Governments have taken notice too. In 2023, the EU’s Digital Markets Act specifically highlighted JavaScript’s role in enabling cross-platform web apps, calling it “a foundational technology of the open web.”
Meanwhile, security experts warn that JavaScript’s power comes with risks. Malicious scripts can steal data, track users, or hijack devices. “JavaScript is a double-edged sword,” says cybersecurity analyst Marcus Lee. “It enables innovation, but it also opens the door to attacks.”
What’s Next? Could It Happen Again?
Today, JavaScript is everywhere. Over 95% of websites use it. It runs on servers, in databases, and even in space missions. But the question remains: could one engineer, in ten days, change the world again?
Maybe not in the same way. The web is more complex now. Standards, security, and ecosystems are deeply intertwined. But the spirit of that 10-day sprint lives on: the idea that one person, with the right idea and the right tools, can build something that changes everything.
So here’s the question we leave you with:
If you had ten days to build something that could change the web forever—what would you create?
FAQ
Who created JavaScript?
JavaScript was created by Brendan Eich, an American computer programmer, in May 1995 while working at Netscape Communications Corporation.
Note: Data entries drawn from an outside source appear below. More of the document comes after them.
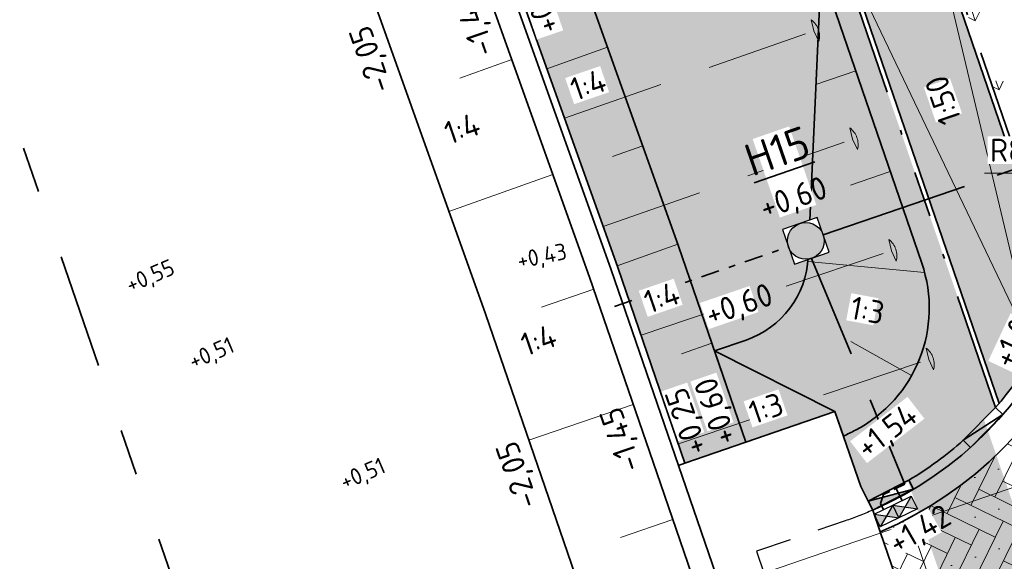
# Model space of a CAD drawing. Header units: metres. Extents: x 264779 to 275389, y 575281 to 580396.
# Tile 154 of 174: x 265479 to 265500, y 577029 to 577041. Entities that reach past the tile are written whole.
import ezdxf

# ---------------------------------------------------------------- set-up
doc = ezdxf.new("R2010")
doc.units = ezdxf.units.M
doc.set_wipeout_variables(frame=1)
for name, pattern in [('AL-TEKENBLADGRENS', [11.5, 2.5, -1.5, 1, -1.5, 1, -1.5, 2.5]), ('B-WE-RI-HWA_HUISAANSLUITING_PVC_125-G', [10, 3.25, -0.75, 1.25, -0.75, 1.25, -0.75, 1.25, -0.75]), ('B-WE-RI-HWA_PVC_125-G', [9.999999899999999, 2.25, -1.0833333, 2.25, -1.0833333, 2.25, -1.0833333]), ('B-WE-RI-HWA_PVC_315-G', [10, 2, -1.125, 0.75, -1.125, 2, -1.125, 0.75, -1.125]), ('B-WE-VH-KANTOPSLUITING_OPSLUITBAND_[AFMETINGEN1]-G', [10, 5.5, -0.875, 0, -0.875, 1, -0.875, 0, -0.875]), ('B-WE-VH-KANTOPSLUITING_TROTTOIRBAND_RWS_[AFMETINGEN1]-G', [10, 2.5, -1.5, 0, -1.5, 0, -1.5, 0, -1.5, 0, -1.5]), ('DASHED', [19.049999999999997, 12.7, -6.35]), ('HIDDEN', [9.524999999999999, 6.35, -3.175])]:
    doc.linetypes.add(name, pattern=pattern)
for name, color, linetype, lineweight, true_color in [('B-WE-KL-TRACE-A', 9, 'Continuous', 13, 0x808080), ('N-GV-GR-GRAS_BERMKRUIDENMENGSEL-A', 7, 'Continuous', 18, 0x00a500), ('N-OI-RI-HWA_KOLKAANSLUITING_PVC_160-G', 150, 'B-WE-RI-HWA_HUISAANSLUITING_PVC_125-G', 35, 0x007fff), ('N-OI-RI-HWA_KOLKAANSLUITING_PVC_200-G', 150, 'B-WE-RI-HWA_PVC_125-G', 35, 0x007fff), ('N-OI-RI-HWA_PVC_315-G', 150, 'B-WE-RI-HWA_PVC_315-G', 35, 0x007fff), ('N-WE-RI-HWA_KOLK-S', 150, 'Continuous', 25, 0x007fff), ('N-WE-RI-HWA_RIOOLPUT_INSPECTIEPUT-S', 150, 'Continuous', 25, 0x007fff), ('N-WE-VH-VERHARDING_STRAATBAKSTEEN_DIKFORMAAT_KEPER-ROOD-PAARS-A', 7, 'Continuous', 18, 0xa45729), ('N-WE-VH-VERHARDING_STRAATBAKSTEEN_WAALFORMAAT_HALF_PAARS-BRUIN-A', 7, 'Continuous', 18, 0x66332b)]:
    doc.layers.add(name, color=color, linetype=linetype, lineweight=lineweight, true_color=true_color)
for name, color, linetype, lineweight in [('B-XX-AL-HOOGTELABEL-T25', 252, 'Continuous', 9), ('N-WA-RI-DETAIL1-G', 1, 'HIDDEN', 18), ('N-WE-GK-BESCHOEIING-G', 130, 'B-WE-GK-BESCHOEIING_TYPE_1-G', 35), ('N-WE-GK-BESCHOEIING_ACHTERKANT-G', 130, 'Continuous', 35), ('N-WE-GW-TALUD_KRUIN-G', 3, 'Continuous', 35), ('N-WE-GW-TALUD_TEEN-G', 94, 'Continuous', 35), ('N-WE-GW-TALUDARCERING_KORT-G', 90, 'Continuous', 18), ('N-WE-GW-TALUDARCERING_LANG-G', 60, 'Continuous', 13), ('N-WE-GW-WATERGANG_BODEM-G', 44, 'Continuous', 35), ('N-WE-RI-ALGEMEEN-PUTNUMMER_HWA-T35', 7, 'Continuous', 35), ('N-WE-VH-GOOT_SBS-G', 40, 'Continuous', 35), ('N-WE-VH-HELLING_AANDUIDING-G', 30, 'Continuous', 18), ('N-WE-VH-KANTOPSLUITING_ELEMENT_EINDVERLOOPBAND_110-220x250-G', 40, 'Continuous', 35), ('N-WE-VH-KANTOPSLUITING_ELEMENT_VERLOOPBAND_110-220x250_190-220x160-G', 40, 'Continuous', 35), ('N-WE-VH-KANTOPSLUITING_INRITBAND_190-220x160-G', 60, 'B-WE-VH-KANTOPSLUITING_GAZONBAND_[AFMETINGEN1]-G', 35), ('N-WE-VH-KANTOPSLUITING_OPSLUITBAND_100x200-G', 60, 'B-WE-VH-KANTOPSLUITING_OPSLUITBAND_[AFMETINGEN1]-G', 35), ('N-WE-VH-KANTOPSLUITING_TROTTOIRBAND_RWS_110-220x250-G', 60, 'B-WE-VH-KANTOPSLUITING_TROTTOIRBAND_RWS_[AFMETINGEN1]-G', 35), ('N-WE-VH-KNIKLIJN_AANDUIDING-G', 30, 'Continuous', 18), ('N-WE-VH-VERHARDING_STRAATBAKSTEEN_DIKFORMAAT_KEPER-G', 40, 'Continuous', 35), ('N-WE-VH-VERHARDING_STRAATBAKSTEEN_WAALFORMAAT_HALF-G', 40, 'Continuous', 35), ('N-XX-AL-HOOGTELABEL-T25-M', 7, 'Continuous', 25), ('T-WE-GR-TOEKOMSTIG-G', 3, 'DASHED', 25), ('X-XX-AL-AANPIJLING-T25', 7, 'Continuous', 25), ('X-XX-AL-TEKENBLADGRENS-G', 7, 'AL-TEKENBLADGRENS', 35)]:
    doc.layers.add(name, color=color, linetype=linetype, lineweight=lineweight)
doc.layers.add('X-XX-AL-HULPLAAG-G', color=6, linetype='Continuous', lineweight=18, plot=False)
doc.styles.add('NLCS-ISO-ANNOTATIVE-T25', font='NLCS-ISO.ttf', dxfattribs={"height": 2.5})
doc.styles.add('NLCS-ISO-ANNOTATIVE-T35', font='NLCS-ISO.ttf', dxfattribs={"height": 3.5})
doc.styles.add('NLCS-ISO-M1000-T25', font='NLCS-ISO.ttf', dxfattribs={"height": 2.5})
doc.linetypes.add('B-WE-GK-BESCHOEIING_TYPE_1-G', pattern='A,7.5,[151,NLCS.shx,S=2,R=0,X=-0.25,Y=0.6],2.5', length=10)
doc.linetypes.add('B-WE-VH-KANTOPSLUITING_GAZONBAND_[AFMETINGEN1]-G', pattern='A,4,-3,[160,NLCS.shx,S=0.25,R=0,X=0,Y=0],-3', length=10)
doc.dimstyles.new('NLCS-ANNOTATIVE-T25-SCHRAP', dxfattribs={"dimtxt": 2.5, "dimasz": 1.4, "dimexe": 2, "dimexo": 2, "dimgap": 0.7, "dimtad": 1, "dimzin": 0, "dimtxsty": 'NLCS-ISO-ANNOTATIVE-T25', "dimblk": 'OBLIQUE', "dimcen": 2.5, "dimdle": 2, "dimclrd": 256, "dimclre": 256, "dimclrt": 256, "dimadec": 1, "dimazin": 0, "dimtfac": 1, "dimtofl": 0, "dimtmove": 1, "dimatfit": 0, "dimldrblk": 'OBLIQUE', "dimfxl": 2, "dimfxlon": 1, "dimtfillclr": 256, "dimtolj": 1, "dimtzin": 0, "dimlwd": 18, "dimlwe": 18, "dimarcsym": 0})
pattern_1 = [(109.0885257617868, (53431.10337810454, 115509.4028793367), (-1.011904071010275, 0.4916046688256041), [0.2109375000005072, -1.380052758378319]), (64.0885257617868, (53431.10337810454, 115509.4028793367), (-1.011904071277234, 0.4916046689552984), [0.2109375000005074, -0.9140625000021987]), (154.0885257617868, (53431.10337810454, 115509.4028793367), (-0.4916046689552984, -1.011904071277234), [0.2109375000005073, -0.9140625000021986])]

# ---------------------------------------------------------------- blocks, each defined once
blk = doc.blocks.new('*U278')
blk.add_wipeout([(-1.125000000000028, 0.7499999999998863), (1.124999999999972, 0.7499999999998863), (1.124999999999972, -0.7499999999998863), (-1.125000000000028, -0.7499999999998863)])
h = blk.add_hatch(color=256)
h.dxf.hatch_style = 1
h.paths.add_polyline_path([(0, 0), (-1.124999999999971, 0.7499999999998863), (-1.124999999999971, -0.7499999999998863)])
h.paths.add_polyline_path([(1.124999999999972, -0.7499999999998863), (1.124999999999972, 0.7499999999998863), (5.551115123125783e-17, -1.110223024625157e-16)])
for p, q in [((-1.124999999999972, -0.7499999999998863), (1.124999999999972, 0.7499999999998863)), ((1.124999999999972, -0.7499999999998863), (-1.124999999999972, 0.7499999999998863))]:
    blk.add_line(p, q)
at = {"flags": 128}
blk.add_lwpolyline([(-1.124999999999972, -0.7499999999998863), (1.124999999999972, -0.7499999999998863), (1.124999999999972, 0.7499999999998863), (-1.124999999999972, 0.7499999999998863)], close=True, dxfattribs=at)
blk = doc.blocks.new('*U279')
blk.add_wipeout([(-1.125000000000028, 0.7499999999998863), (1.124999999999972, 0.7499999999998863), (1.124999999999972, -0.7499999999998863), (-1.125000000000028, -0.7499999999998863)])
h = blk.add_hatch(color=256)
h.dxf.hatch_style = 1
h.paths.add_polyline_path([(0, 0), (-1.124999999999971, 0.7499999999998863), (-1.124999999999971, -0.7499999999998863)])
h.paths.add_polyline_path([(1.124999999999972, -0.7499999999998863), (1.124999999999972, 0.7499999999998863), (5.551115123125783e-17, -1.110223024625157e-16)])
for p, q in [((-1.124999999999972, -0.7499999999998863), (1.124999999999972, 0.7499999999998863)), ((1.124999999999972, -0.7499999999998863), (-1.124999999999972, 0.7499999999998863))]:
    blk.add_line(p, q)
at = {"flags": 128}
blk.add_lwpolyline([(-1.124999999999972, -0.7499999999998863), (1.124999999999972, -0.7499999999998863), (1.124999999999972, 0.7499999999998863), (-1.124999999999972, 0.7499999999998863)], close=True, dxfattribs=at)
blk = doc.blocks.new('*U280')
blk.add_wipeout([(-1.125000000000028, 0.7499999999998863), (1.124999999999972, 0.7499999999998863), (1.124999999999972, -0.7499999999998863), (-1.125000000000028, -0.7499999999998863)])
h = blk.add_hatch(color=256)
h.dxf.hatch_style = 1
h.paths.add_polyline_path([(0, 0), (-1.124999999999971, 0.7499999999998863), (-1.124999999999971, -0.7499999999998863)])
h.paths.add_polyline_path([(1.124999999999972, -0.7499999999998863), (1.124999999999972, 0.7499999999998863), (5.551115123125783e-17, -1.110223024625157e-16)])
for p, q in [((-1.124999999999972, -0.7499999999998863), (1.124999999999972, 0.7499999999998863)), ((1.124999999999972, -0.7499999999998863), (-1.124999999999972, 0.7499999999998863))]:
    blk.add_line(p, q)
at = {"flags": 128}
blk.add_lwpolyline([(-1.124999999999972, -0.7499999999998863), (1.124999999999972, -0.7499999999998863), (1.124999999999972, 0.7499999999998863), (-1.124999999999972, 0.7499999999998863)], close=True, dxfattribs=at)
blk = doc.blocks.new('*U269')
blk.add_wipeout([(-1.125000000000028, 0.7499999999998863), (1.124999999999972, 0.7499999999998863), (1.124999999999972, -0.7499999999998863), (-1.125000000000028, -0.7499999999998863)])
h = blk.add_hatch(color=256)
h.dxf.hatch_style = 1
h.paths.add_polyline_path([(0, 0), (-1.124999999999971, 0.7499999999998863), (-1.124999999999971, -0.7499999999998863)])
h.paths.add_polyline_path([(1.124999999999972, -0.7499999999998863), (1.124999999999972, 0.7499999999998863), (5.551115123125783e-17, -1.110223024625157e-16)])
for p, q in [((-1.124999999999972, -0.7499999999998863), (1.124999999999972, 0.7499999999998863)), ((1.124999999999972, -0.7499999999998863), (-1.124999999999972, 0.7499999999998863))]:
    blk.add_line(p, q)
at = {"flags": 128}
blk.add_lwpolyline([(-1.124999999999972, -0.7499999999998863), (1.124999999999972, -0.7499999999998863), (1.124999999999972, 0.7499999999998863), (-1.124999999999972, 0.7499999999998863)], close=True, dxfattribs=at)
blk = doc.blocks.new('*U301')
at = {"flags": 128}
blk.add_lwpolyline([(9.313225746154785e-09, 8.381903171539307e-09), (18.91527827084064, 6.496510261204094)], dxfattribs=at)
blk = doc.blocks.new('*U182')
h = blk.add_hatch(color=256)
h.dxf.hatch_style = 1
h.paths.add_polyline_path([(0, 0.2199999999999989), (-0.9999999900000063, 0.2199999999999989), (-0.9999999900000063, 0)])
for p, q in [((-0.9999999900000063, 0), (0, 0.2199999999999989)), ((0, 0.2199999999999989), (-0.9999999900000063, 0.2199999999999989)), ((-0.9999999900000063, 0.2199999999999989), (-0.9999999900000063, 0)), ((0, 0), (0, 0.2199999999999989)), ((-0.9999999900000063, 0), (0, 0))]:
    blk.add_line(p, q)
blk = doc.blocks.new('*U156')
for p, q in [((-0.4999999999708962, 0), (-5.820766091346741e-11, 0.1099999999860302)), ((-5.820766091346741e-11, 0.1099999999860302), (-0.5000000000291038, 0.1099999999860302)), ((-0.5000000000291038, 0.1099999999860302), (-0.4999999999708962, 0)), ((0, 0), (-5.820766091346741e-11, 0.1099999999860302)), ((-0.4999999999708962, 0), (0, 0))]:
    blk.add_line(p, q)
blk = doc.blocks.new('N-SRI-PUT_HWA-SO')
at = {"ltscale": 0.9999899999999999}
blk.add_wipeout([(-2.000000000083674, 1.9999999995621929), (2.000000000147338, 1.999999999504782), (2.000083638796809, -2.0000000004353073), (-1.9999999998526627, -2.0000000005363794)], dxfattribs=at)
h = blk.add_hatch(color=256, dxfattribs=at)
h.dxf.hatch_style = 1
h.paths.add_polyline_path([(-1.999999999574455, 0, 1), (1.999999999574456, 0, 1)])
at = {"ltscale": 0.9999899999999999, "flags": 128}
blk.add_lwpolyline([(-1.999999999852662, -2.00000000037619), (2.00000000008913, -2.000000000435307), (2.000000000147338, 1.99999999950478), (-2.000000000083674, 1.999999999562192)], close=True, dxfattribs=at)
at = {"ltscale": 0.9999899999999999}
blk.add_circle((0, 0), 1.999999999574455, dxfattribs=at)
blk = doc.blocks.new('_Oblique')
at = {"color": 0, "linetype": 'ByBlock', "lineweight": -2}
blk.add_line((-0.5, -0.5), (0.5, 0.5), dxfattribs=at)
blk = doc.blocks.new('*D309')
at = {"layer": 'Defpoints', "color": 0, "transparency": 16777216}
for p in [(265494.0084626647, 577037.284917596), (265502.008462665, 577037.2849206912)]:
    blk.add_point(p, dxfattribs=at)
at = {"layer": 'X-XX-AL-AANPIJLING-T25', "lineweight": 18, "transparency": 16777216}
blk.add_line((265499.6434626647, 577037.2849197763), (265502.008462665, 577037.2849206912), dxfattribs=at)
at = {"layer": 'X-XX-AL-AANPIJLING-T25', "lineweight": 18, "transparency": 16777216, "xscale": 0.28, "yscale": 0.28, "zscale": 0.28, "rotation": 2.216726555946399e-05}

How long did it take to create JavaScript?
Brendan Eich developed the core of JavaScript in just ten days to meet Netscape’s tight release schedule for the Navigator browser.
Why is JavaScript so important?
JavaScript is the programming language of the web. It allows websites to be interactive, dynamic, and app-like, powering everything from social media to online banking.
What was JavaScript originally called?
JavaScript was first called Mocha, then renamed LiveScript, before finally becoming JavaScript in a joint announcement with Sun Microsystems.
Is JavaScript only used in web browsers?
No. While it started in browsers, JavaScript now runs on servers (Node.js), mobile apps, desktop apps, and even in embedded systems and IoT devices.
What other projects is Brendan Eich known for?
Brendan Eich co-founded the Mozilla project and Firefox browser, and later co-founded Brave Software, creator of the Brave browser and the Basic Attention Token (BAT).